Reconfiguring paediatric services

The reconfiguration of clinical services report provides new insights into the drivers of reconfiguration and the underpinning evidence. It builds on a major analysis, commissioned by the National Institute for Health Research (NIHR), of reviews of service reconfigurations conducted by the National Clinical Advisory Team (NCAT).

This page summarises the report's findings on the reconfiguration of paediatric services.

Proposals reviewed by NCAT

  • Centralising paediatric inpatient units
  • Retaining, creating or closing stand-alone paediatric assessment units (PAUs)

Key drivers of paediatric service reconfiguration

Workforce, cost and safety were the primary drivers of this type of reconfiguration.

Context and relevant policy

  • The rate of admission for children under 15 grew by over 25 per cent between 1999 and 2010 (from 63 per 1,000 to 81 per 1,000) and the average length of stay has fallen from 3.8 days in 1996/7 to 1.9 days in 2006/7, with 71 per cent of admissions lasting less than a day. The consequence has been a significant reduction in the number of paediatric beds.
  • Getting the right start: National Service Framework for children – standard for hospital services was the most recent national policy statement on children’s hospital services. 
  • Specialist paediatric services, including paediatric intensive care, are now commissioned by NHS England, which has developed a range of service specifications for different sub-specialist areas.
  • Centralisation of paediatric services has been on the agenda for almost 20 years, driven by trends in paediatric activity and a desire to maintain trainees’ exposure to less common childhood diseases. 

The current evidence base

Paediatric inpatient units need to be staffed by paediatric consultants and the appropriate level of specialist paediatric nursing. There is little evidence, outside of professional consensus, to guide the appropriate level of medical staffing – in particular the balance between senior and junior doctors, and medical versus specialist nursing staff.

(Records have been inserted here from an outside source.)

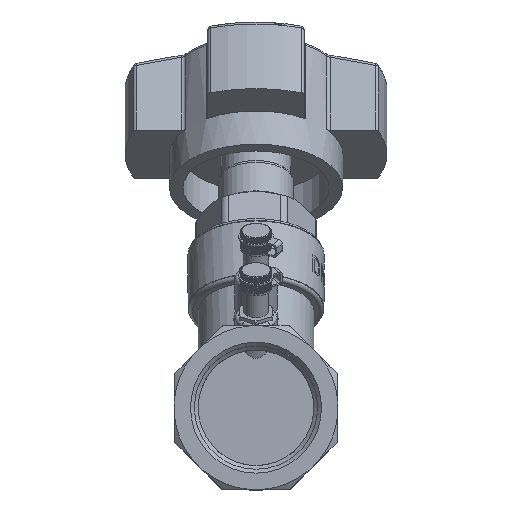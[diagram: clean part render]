
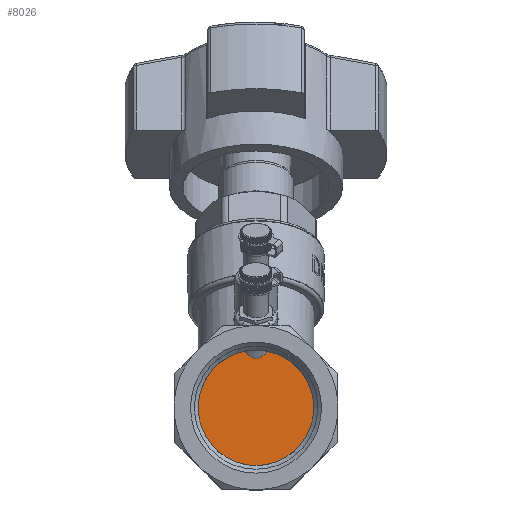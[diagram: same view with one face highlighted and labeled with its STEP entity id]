
A CAD part, top view. The second image highlights one B-rep face of the part: STEP entity #8026.
In plain terms, the highlighted planar face has unit normal (0, 0, 1).
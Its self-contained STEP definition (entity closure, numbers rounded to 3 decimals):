
#8026=ADVANCED_FACE('',(#19421),#19423,.T.);
#19421=FACE_BOUND('',#19422,.T.);
#19422=EDGE_LOOP('',(#27505,#27506,#27507));
#19423=PLANE('',#19424);
#19424=AXIS2_PLACEMENT_3D('',#19425,#19426,#19427);
#19425=CARTESIAN_POINT('',(0.,0.,28.103));
#19426=DIRECTION('',(0.,0.,1.));
#19427=DIRECTION('',(1.,0.,0.));
#27505=ORIENTED_EDGE('',*,*,#32343,.T.);
#27506=ORIENTED_EDGE('',*,*,#31447,.F.);
#27507=ORIENTED_EDGE('',*,*,#31449,.F.);
#31447=EDGE_CURVE('',#36432,#36433,#36434,.T.);
#31449=EDGE_CURVE('',#36435,#36432,#36437,.T.);
#32343=EDGE_CURVE('',#36435,#36433,#37887,.T.);
#36432=VERTEX_POINT('',#63010);
#36433=VERTEX_POINT('',#63011);
#36434=CIRCLE('',#63012,15.);
#36435=VERTEX_POINT('',#63016);
#36437=CIRCLE('',#63105,15.);
#37887=(BOUNDED_CURVE()B_SPLINE_CURVE(3,
(#66910,#66911,#66912,#66913),
.UNSPECIFIED.,.F.,.F.)B_SPLINE_CURVE_WITH_KNOTS((4,4),
(0.,1.),
.UNSPECIFIED.)CURVE()GEOMETRIC_REPRESENTATION_ITEM()RATIONAL_B_SPLINE_CURVE((1.,
0.89,0.89,1.))REPRESENTATION_ITEM(''));
#63010=CARTESIAN_POINT('',(15.,0.,28.103));
#63011=CARTESIAN_POINT('',(-3.031,14.69,28.103));
#63012=AXIS2_PLACEMENT_3D('',#63013,#63014,#63015);
#63013=CARTESIAN_POINT('',(0.,0.,28.103));
#63014=DIRECTION('',(0.,0.,-1.));
#63015=DIRECTION('',(1.,0.,0.));
#63016=CARTESIAN_POINT('',(3.031,14.69,28.103));
#63105=AXIS2_PLACEMENT_3D('',#63106,#63107,#63108);
#63106=CARTESIAN_POINT('',(0.,0.,28.103));
#63107=DIRECTION('',(0.,0.,-1.));
#63108=DIRECTION('',(0.202,0.979,0.));
#66910=CARTESIAN_POINT('',(3.031,14.69,28.103));
#66911=CARTESIAN_POINT('',(1.136,12.186,28.103));
#66912=CARTESIAN_POINT('',(-1.136,12.186,28.103));
#66913=CARTESIAN_POINT('',(-3.031,14.69,28.103));
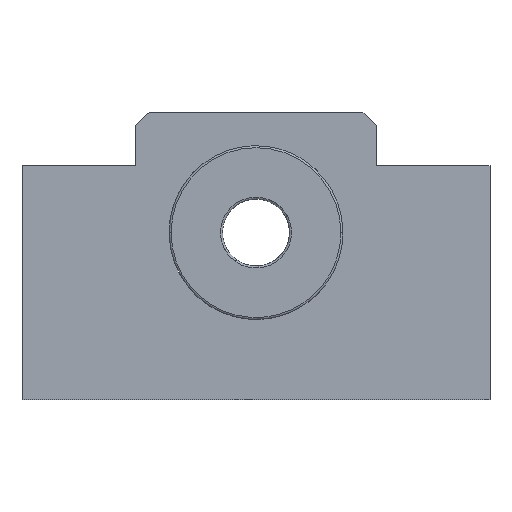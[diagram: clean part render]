
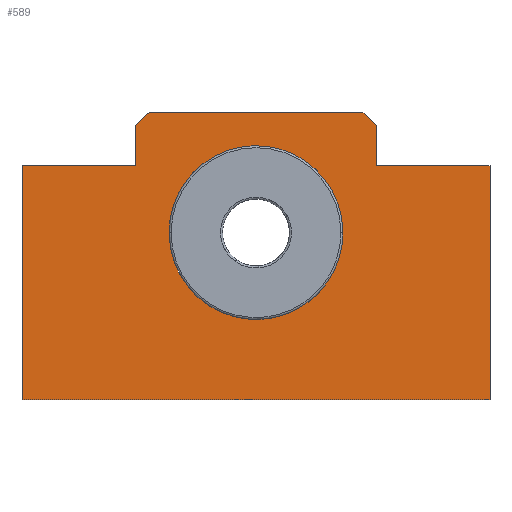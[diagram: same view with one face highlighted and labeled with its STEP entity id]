
A CAD part, left-side view. The second image highlights one B-rep face of the part: STEP entity #589.
In plain terms, the highlighted planar face has unit normal (-1, 0, 0).
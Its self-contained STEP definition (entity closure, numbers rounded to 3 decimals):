
#304=CARTESIAN_POINT('Vertex',(-10.,35.,10.)) ;
#309=CARTESIAN_POINT('Line Origine',(-10.,26.5,10.)) ;
#313=CARTESIAN_POINT('Vertex',(-10.,18.,10.)) ;
#348=CARTESIAN_POINT('Vertex',(-10.,-35.,-25.)) ;
#353=CARTESIAN_POINT('Line Origine',(-10.,0.,-25.)) ;
#357=CARTESIAN_POINT('Vertex',(-10.,35.,-25.)) ;
#448=CARTESIAN_POINT('Line Origine',(-10.,35.,-7.5)) ;
#465=CARTESIAN_POINT('Axis2P3D Location',(-10.,0.,0.)) ;
#470=CARTESIAN_POINT('Line Origine',(-10.,-17.,17.)) ;
#474=CARTESIAN_POINT('Vertex',(-10.,-16.,18.)) ;
#476=CARTESIAN_POINT('Vertex',(-10.,-18.,16.)) ;
#479=CARTESIAN_POINT('Line Origine',(-10.,0.,18.)) ;
#483=CARTESIAN_POINT('Vertex',(-10.,16.,18.)) ;
#486=CARTESIAN_POINT('Line Origine',(-10.,17.,17.)) ;
#490=CARTESIAN_POINT('Vertex',(-10.,18.,16.)) ;
#493=CARTESIAN_POINT('Line Origine',(-10.,18.,13.)) ;
#498=CARTESIAN_POINT('Line Origine',(-10.,-35.,-7.5)) ;
#502=CARTESIAN_POINT('Vertex',(-10.,-35.,10.)) ;
#505=CARTESIAN_POINT('Line Origine',(-10.,-26.5,10.)) ;
#509=CARTESIAN_POINT('Vertex',(-10.,-18.,10.)) ;
#512=CARTESIAN_POINT('Line Origine',(-10.,-18.,13.)) ;
#530=CARTESIAN_POINT('Control Point',(-10.,-11.409,6.233)) ;
#531=CARTESIAN_POINT('Control Point',(-10.,-10.816,7.317)) ;
#532=CARTESIAN_POINT('Control Point',(-10.,-10.094,8.332)) ;
#533=CARTESIAN_POINT('Control Point',(-10.,-9.254,9.256)) ;
#534=CARTESIAN_POINT('Control Point',(-10.,-7.372,10.886)) ;
#535=CARTESIAN_POINT('Control Point',(-10.,-5.16,12.029)) ;
#536=CARTESIAN_POINT('Control Point',(-10.,-3.99,12.466)) ;
#537=CARTESIAN_POINT('Control Point',(-10.,-1.57,13.053)) ;
#538=CARTESIAN_POINT('Control Point',(-10.,0.92,13.056)) ;
#539=CARTESIAN_POINT('Control Point',(-10.,2.16,12.909)) ;
#540=CARTESIAN_POINT('Control Point',(-10.,4.58,12.323)) ;
#541=CARTESIAN_POINT('Control Point',(-10.,6.796,11.186)) ;
#542=CARTESIAN_POINT('Control Point',(-10.,7.831,10.488)) ;
#543=CARTESIAN_POINT('Control Point',(-10.,9.714,8.859)) ;
#544=CARTESIAN_POINT('Control Point',(-10.,11.163,6.834)) ;
#545=CARTESIAN_POINT('Control Point',(-10.,11.763,5.739)) ;
#546=CARTESIAN_POINT('Control Point',(-10.,12.692,3.429)) ;
#547=CARTESIAN_POINT('Control Point',(-10.,13.053,0.965)) ;
#548=CARTESIAN_POINT('Control Point',(-10.,13.086,-0.283)) ;
#549=CARTESIAN_POINT('Control Point',(-10.,12.899,-2.274)) ;
#550=CARTESIAN_POINT('Control Point',(-10.,12.342,-4.186)) ;
#551=CARTESIAN_POINT('Control Point',(-10.,12.08,-4.891)) ;
#552=CARTESIAN_POINT('Control Point',(-10.,11.768,-5.575)) ;
#553=CARTESIAN_POINT('Control Point',(-10.,11.409,-6.233)) ;
#554=CARTESIAN_POINT('Vertex',(-10.,11.409,-6.233)) ;
#556=CARTESIAN_POINT('Vertex',(-10.,-11.409,6.233)) ;
#560=CARTESIAN_POINT('Control Point',(-10.,11.409,-6.233)) ;
#561=CARTESIAN_POINT('Control Point',(-10.,10.816,-7.317)) ;
#562=CARTESIAN_POINT('Control Point',(-10.,10.094,-8.332)) ;
#563=CARTESIAN_POINT('Control Point',(-10.,9.254,-9.256)) ;
#564=CARTESIAN_POINT('Control Point',(-10.,7.372,-10.886)) ;
#565=CARTESIAN_POINT('Control Point',(-10.,5.16,-12.029)) ;
#566=CARTESIAN_POINT('Control Point',(-10.,3.99,-12.466)) ;
#567=CARTESIAN_POINT('Control Point',(-10.,1.57,-13.053)) ;
#568=CARTESIAN_POINT('Control Point',(-10.,-0.92,-13.056)) ;
#569=CARTESIAN_POINT('Control Point',(-10.,-2.16,-12.909)) ;
#570=CARTESIAN_POINT('Control Point',(-10.,-4.58,-12.323)) ;
#571=CARTESIAN_POINT('Control Point',(-10.,-6.796,-11.186)) ;
#572=CARTESIAN_POINT('Control Point',(-10.,-7.831,-10.488)) ;
#573=CARTESIAN_POINT('Control Point',(-10.,-9.714,-8.859)) ;
#574=CARTESIAN_POINT('Control Point',(-10.,-11.163,-6.834)) ;
#575=CARTESIAN_POINT('Control Point',(-10.,-11.763,-5.739)) ;
#576=CARTESIAN_POINT('Control Point',(-10.,-12.692,-3.429)) ;
#577=CARTESIAN_POINT('Control Point',(-10.,-13.053,-0.965)) ;
#578=CARTESIAN_POINT('Control Point',(-10.,-13.086,0.283)) ;
#579=CARTESIAN_POINT('Control Point',(-10.,-12.899,2.274)) ;
#580=CARTESIAN_POINT('Control Point',(-10.,-12.342,4.186)) ;
#581=CARTESIAN_POINT('Control Point',(-10.,-12.08,4.891)) ;
#582=CARTESIAN_POINT('Control Point',(-10.,-11.768,5.575)) ;
#583=CARTESIAN_POINT('Control Point',(-10.,-11.409,6.233)) ;
#310=DIRECTION('Vector Direction',(0.,1.,0.)) ;
#354=DIRECTION('Vector Direction',(0.,-1.,0.)) ;
#449=DIRECTION('Vector Direction',(0.,0.,-1.)) ;
#466=DIRECTION('Axis2P3D Direction',(1.,0.,0.)) ;
#467=DIRECTION('Axis2P3D XDirection',(0.,1.,0.)) ;
#471=DIRECTION('Vector Direction',(0.,-0.707,-0.707)) ;
#480=DIRECTION('Vector Direction',(0.,1.,0.)) ;
#487=DIRECTION('Vector Direction',(0.,0.707,-0.707)) ;
#494=DIRECTION('Vector Direction',(0.,0.,-1.)) ;
#499=DIRECTION('Vector Direction',(0.,0.,1.)) ;
#506=DIRECTION('Vector Direction',(0.,1.,0.)) ;
#513=DIRECTION('Vector Direction',(0.,0.,1.)) ;
#468=AXIS2_PLACEMENT_3D('Plane Axis2P3D',#465,#466,#467) ;
#518=ORIENTED_EDGE('',*,*,#478,.F.) ;
#519=ORIENTED_EDGE('',*,*,#485,.F.) ;
#520=ORIENTED_EDGE('',*,*,#492,.F.) ;
#521=ORIENTED_EDGE('',*,*,#497,.F.) ;
#522=ORIENTED_EDGE('',*,*,#315,.F.) ;
#523=ORIENTED_EDGE('',*,*,#452,.F.) ;
#524=ORIENTED_EDGE('',*,*,#359,.F.) ;
#525=ORIENTED_EDGE('',*,*,#504,.F.) ;
#526=ORIENTED_EDGE('',*,*,#511,.F.) ;
#527=ORIENTED_EDGE('',*,*,#516,.F.) ;
#586=ORIENTED_EDGE('',*,*,#558,.T.) ;
#587=ORIENTED_EDGE('',*,*,#584,.T.) ;
#588=FACE_BOUND('',#585,.T.) ;
#311=VECTOR('Line Direction',#310,1.) ;
#355=VECTOR('Line Direction',#354,1.) ;
#450=VECTOR('Line Direction',#449,1.) ;
#472=VECTOR('Line Direction',#471,1.) ;
#481=VECTOR('Line Direction',#480,1.) ;
#488=VECTOR('Line Direction',#487,1.) ;
#495=VECTOR('Line Direction',#494,1.) ;
#500=VECTOR('Line Direction',#499,1.) ;
#507=VECTOR('Line Direction',#506,1.) ;
#514=VECTOR('Line Direction',#513,1.) ;
#589=ADVANCED_FACE('AF12(H)',(#528,#588),#469,.F.) ;
#529=B_SPLINE_CURVE_WITH_KNOTS('',5,(#530,#531,#532,#533,#534,#535,#536,#537,#538,#539,#540,#541,#542,#543,#544,#545,#546,#547,#548,#549,#550,#551,#552,#553),.UNSPECIFIED.,.F.,.U.,(6,3,3,3,3,3,3,6),(0.,8.762,17.524,26.285,35.047,43.809,52.571,57.883),.UNSPECIFIED.) ;
#559=B_SPLINE_CURVE_WITH_KNOTS('',5,(#560,#561,#562,#563,#564,#565,#566,#567,#568,#569,#570,#571,#572,#573,#574,#575,#576,#577,#578,#579,#580,#581,#582,#583),.UNSPECIFIED.,.F.,.U.,(6,3,3,3,3,3,3,6),(0.,8.762,17.524,26.285,35.047,43.809,52.571,57.883),.UNSPECIFIED.) ;
#315=EDGE_CURVE('',#305,#314,#312,.F.) ;
#359=EDGE_CURVE('',#349,#358,#356,.F.) ;
#452=EDGE_CURVE('',#358,#305,#451,.F.) ;
#478=EDGE_CURVE('',#475,#477,#473,.T.) ;
#485=EDGE_CURVE('',#484,#475,#482,.F.) ;
#492=EDGE_CURVE('',#491,#484,#489,.F.) ;
#497=EDGE_CURVE('',#314,#491,#496,.F.) ;
#504=EDGE_CURVE('',#503,#349,#501,.F.) ;
#511=EDGE_CURVE('',#510,#503,#508,.F.) ;
#516=EDGE_CURVE('',#477,#510,#515,.F.) ;
#558=EDGE_CURVE('',#555,#557,#529,.F.) ;
#584=EDGE_CURVE('',#557,#555,#559,.F.) ;
#517=EDGE_LOOP('',(#518,#519,#520,#521,#522,#523,#524,#525,#526,#527)) ;
#585=EDGE_LOOP('',(#586,#587)) ;
#528=FACE_OUTER_BOUND('',#517,.T.) ;
#312=LINE('Line',#309,#311) ;
#356=LINE('Line',#353,#355) ;
#451=LINE('Line',#448,#450) ;
#473=LINE('Line',#470,#472) ;
#482=LINE('Line',#479,#481) ;
#489=LINE('Line',#486,#488) ;
#496=LINE('Line',#493,#495) ;
#501=LINE('Line',#498,#500) ;
#508=LINE('Line',#505,#507) ;
#515=LINE('Line',#512,#514) ;
#469=PLANE('Plane',#468) ;
#305=VERTEX_POINT('',#304) ;
#314=VERTEX_POINT('',#313) ;
#349=VERTEX_POINT('',#348) ;
#358=VERTEX_POINT('',#357) ;
#475=VERTEX_POINT('',#474) ;
#477=VERTEX_POINT('',#476) ;
#484=VERTEX_POINT('',#483) ;
#491=VERTEX_POINT('',#490) ;
#503=VERTEX_POINT('',#502) ;
#510=VERTEX_POINT('',#509) ;
#555=VERTEX_POINT('',#554) ;
#557=VERTEX_POINT('',#556) ;
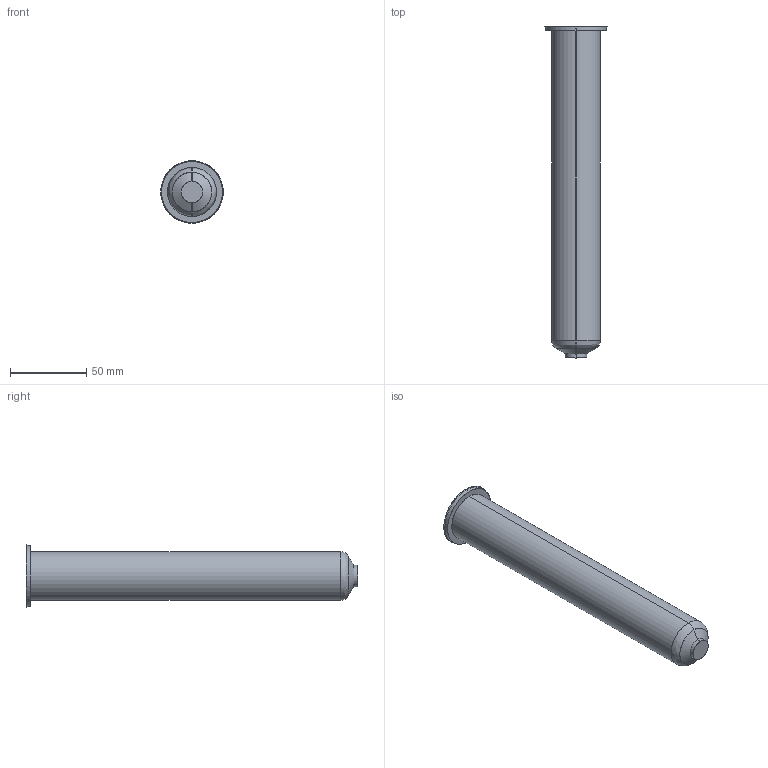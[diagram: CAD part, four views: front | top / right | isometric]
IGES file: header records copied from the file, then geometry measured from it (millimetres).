
Start section: SolidWorks IGES file using analytic representation for surfaces
Global section: file name: C:\Documents and Settings\ws-20\Desktop\TEM\Sede UGBE4505-M-A C-214 L-249 P-0.IGS; native system: SolidWorks 2012; preprocessor: SolidWorks 2012; author: ws-20; date: 120412.155658; units: millimetre
Bounding box: 41 x 217.54 x 41 mm (x, y, z)
Surface area: 23895.7 mm2 (no closed solid volume)
Topology: 0 solids, 0 shells, 15 faces, 272 edges, 272 vertices
Faces by surface type: revolution 10, bspline 5

There is little research to guide an optimal configuration of paediatric services. 

Constraints on the paediatric workforce are key drivers of future configuration, with more evidence needed about safe staffing models for ambulatory services. The limited evidence available suggests there is scope for paediatric services to shift further towards a primary/community care-based model.

Relevant college guidance

Paediatric inpatient unit medical staffing (Royal College of Paediatrics and Child Health 2011)

  • Every child or young person who is admitted to a paediatric department with an acute medical problem is seen by a paediatrician on the middle grade or consultant rota within four hours of admission.
  • Every child or young person who is admitted to a paediatric department with an acute medical problem is seen by a consultant paediatrician (or equivalent staff, speciality and associate specialist grade doctor who is trained and assessed as competent in acute paediatric care) within the first 24 hours.
  • At least one medical handover in every 24 hours is led by a paediatric consultant (or equivalent).
  • A paediatric consultant (or equivalent) is present in the hospital during times of peak activity.
  • All general acute paediatric rotas are made up of at least ten WTEs, all of whom are EWTD compliant.

Paediatric inpatient unit nurse staffing (Royal College of Paediatrics and Child Health 2008)

  • A minimum of two registered children’s nurses must be in the inpatient unit at all times.

Paediatric assessment units

  • Consultants, or someone assessed as competent to work on the paediatric consultant rota, should be ‘available’ to a stand-alone paediatric assessment unit but this may not involve consultants being present; their opinion can be reached via phone (Royal College of Paediatrics and Child Health 2014). 
  • Wherever the consultants are based, children staying for more than eight hours at a PAU should receive a consultant review of their case before further treatment decisions are made (Royal College of Paediatrics and Child Health 2011).
  • ANPs can lead care for children in stand-alone PAUs, with remote consultant support using co-located A&E middle-grade doctors to provide emergency medical assistance when required (Royal College of Paediatrics and Child Health 2009). 
  • PAUs should be staffed by at least two children’s nurses at all times (Royal College of Nursing 2013a).
  • The RCPCH has recommended the closure of smaller paediatric inpatient units, to be replaced by PAUs, in order to resolve workforce pressures (Royal College of Paediatrics and Child Health 2013a).